Menurut Yusuf, saat dihubungi di Jakarta, Minggu, target memasukkan sawit, nikel, timah, batu bara, emas, kopi, dan karet sekaligus pada awal 2027 cukup ambisius.

Pemerintah dinilai sebaiknya memprioritaskan komoditas yang memiliki posisi kuat di pasar global, tetapi belum memiliki harga acuan global yang dominan.

Menurut dia, nickel pig iron (NPI) dapat menjadi salah satu pilihan karena Indonesia memiliki posisi kuat dalam rantai pasok komoditas tersebut.

“Produk seperti nickel pig iron lebih menarik karena kita bisa membangun tolok ukur baru, bukan langsung berhadapan dengan benchmark yang sudah puluhan tahun digunakan,” tuturnya.

Meski demikian, ia mengingatkan keberadaan BMKS tidak serta-merta membuat harga komoditas Indonesia menjadi lebih tinggi.

Menurut dia, manfaat utama bursa tersebut justru terletak pada peningkatan transparansi transaksi, mempersempit ruang praktik under-invoicing atau kurang faktur, memperbaiki basis pengenaan pajak, serta menekan biaya transaksi.

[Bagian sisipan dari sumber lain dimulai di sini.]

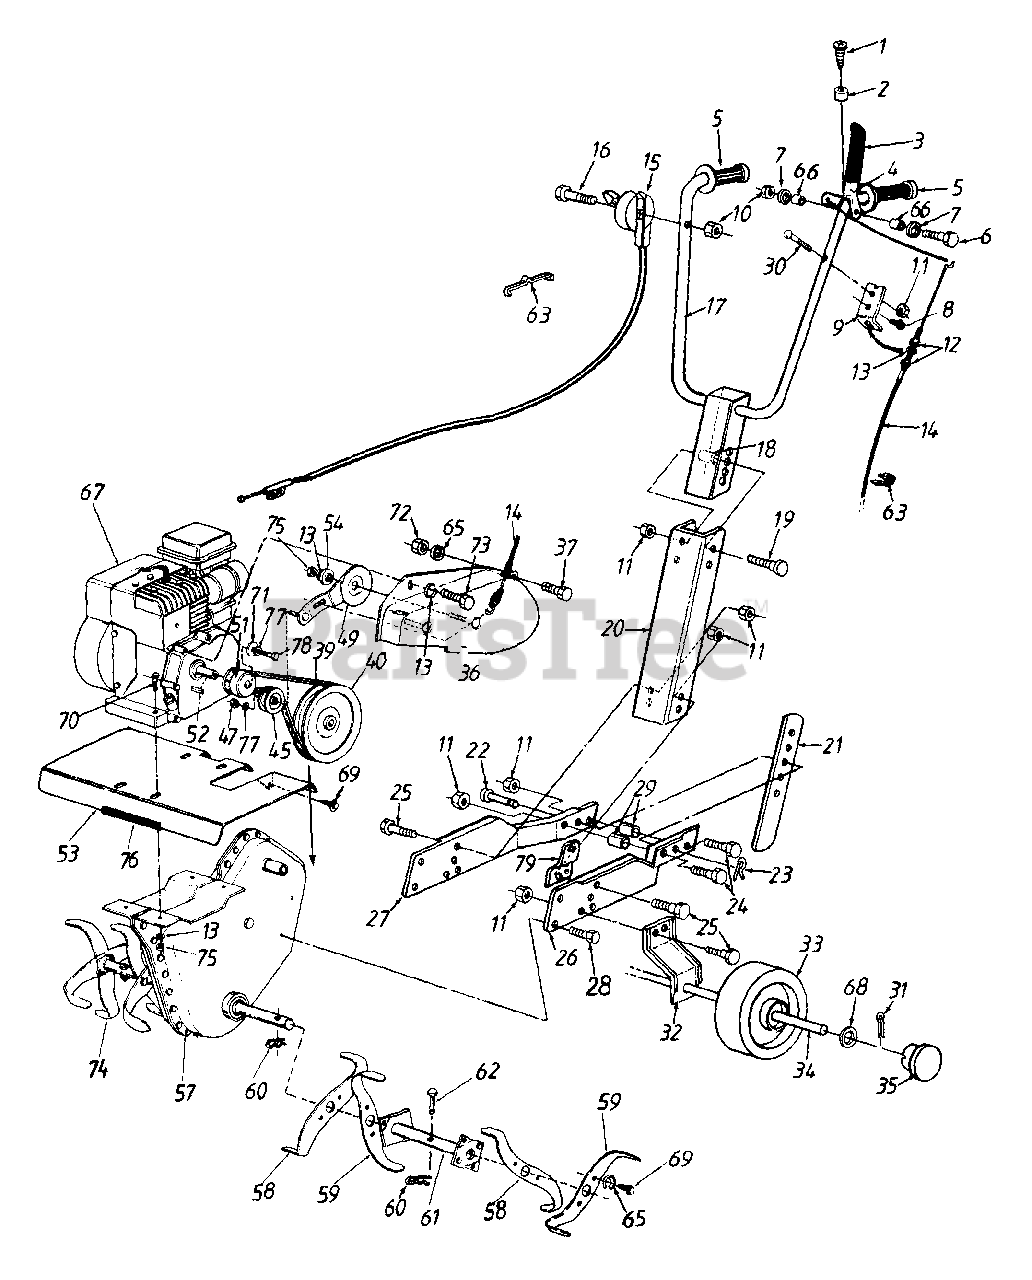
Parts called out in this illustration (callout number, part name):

Sementara itu, Ketua Dewan Komisioner Otoritas Jasa Keuangan (OJK) Friderica Widyasari Dewi, dalam jumpa pers pada Jumat (14/8), mengatakan sejumlah mineral dan komoditas yang akan masuk dalam BMKS telah ditetapkan.

Namun, OJK belum mengungkapkan rinciannya karena masih menunggu Peraturan Presiden (Perpres) sebagai dasar penyelenggaraan bursa tersebut.

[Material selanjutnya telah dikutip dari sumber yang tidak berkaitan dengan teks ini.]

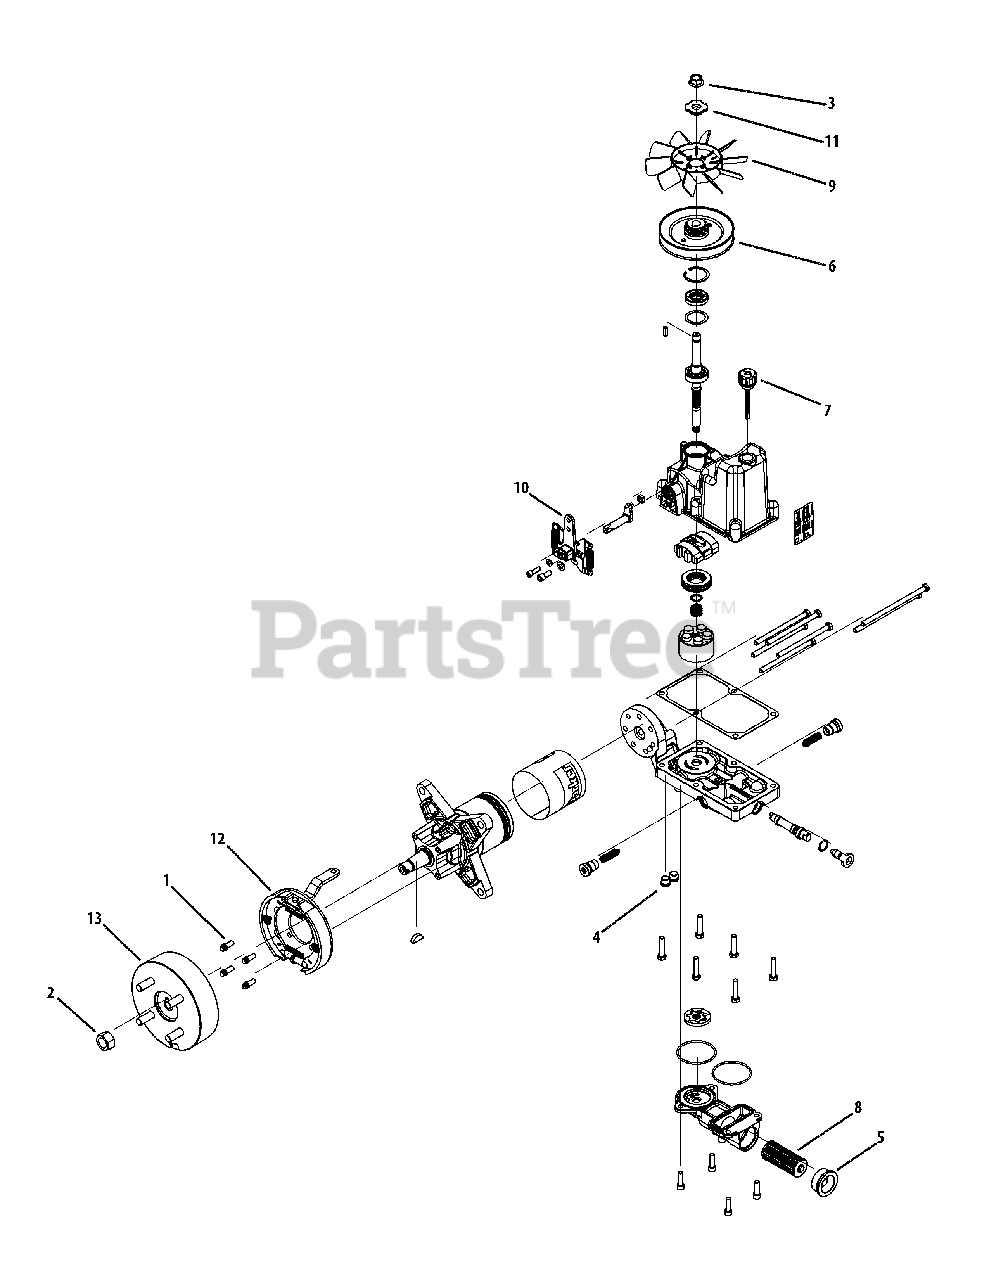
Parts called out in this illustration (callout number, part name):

Pemerintah menargetkan BMKS mulai beroperasi pada 1 Januari 2027 dan menjadi instrumen untuk membangun Indonesia Reference Price atau harga referensi Indonesia bagi sejumlah komoditas strategis.

Bursa itu juga ditargetkan menciptakan pasar yang lebih dalam, transparan, dan likuid sehingga mampu mempertemukan produsen, petani, eksportir, pembeli, dan investor dalam satu ekosistem perdagangan dengan data transaksi yang terbuka dan kredibel.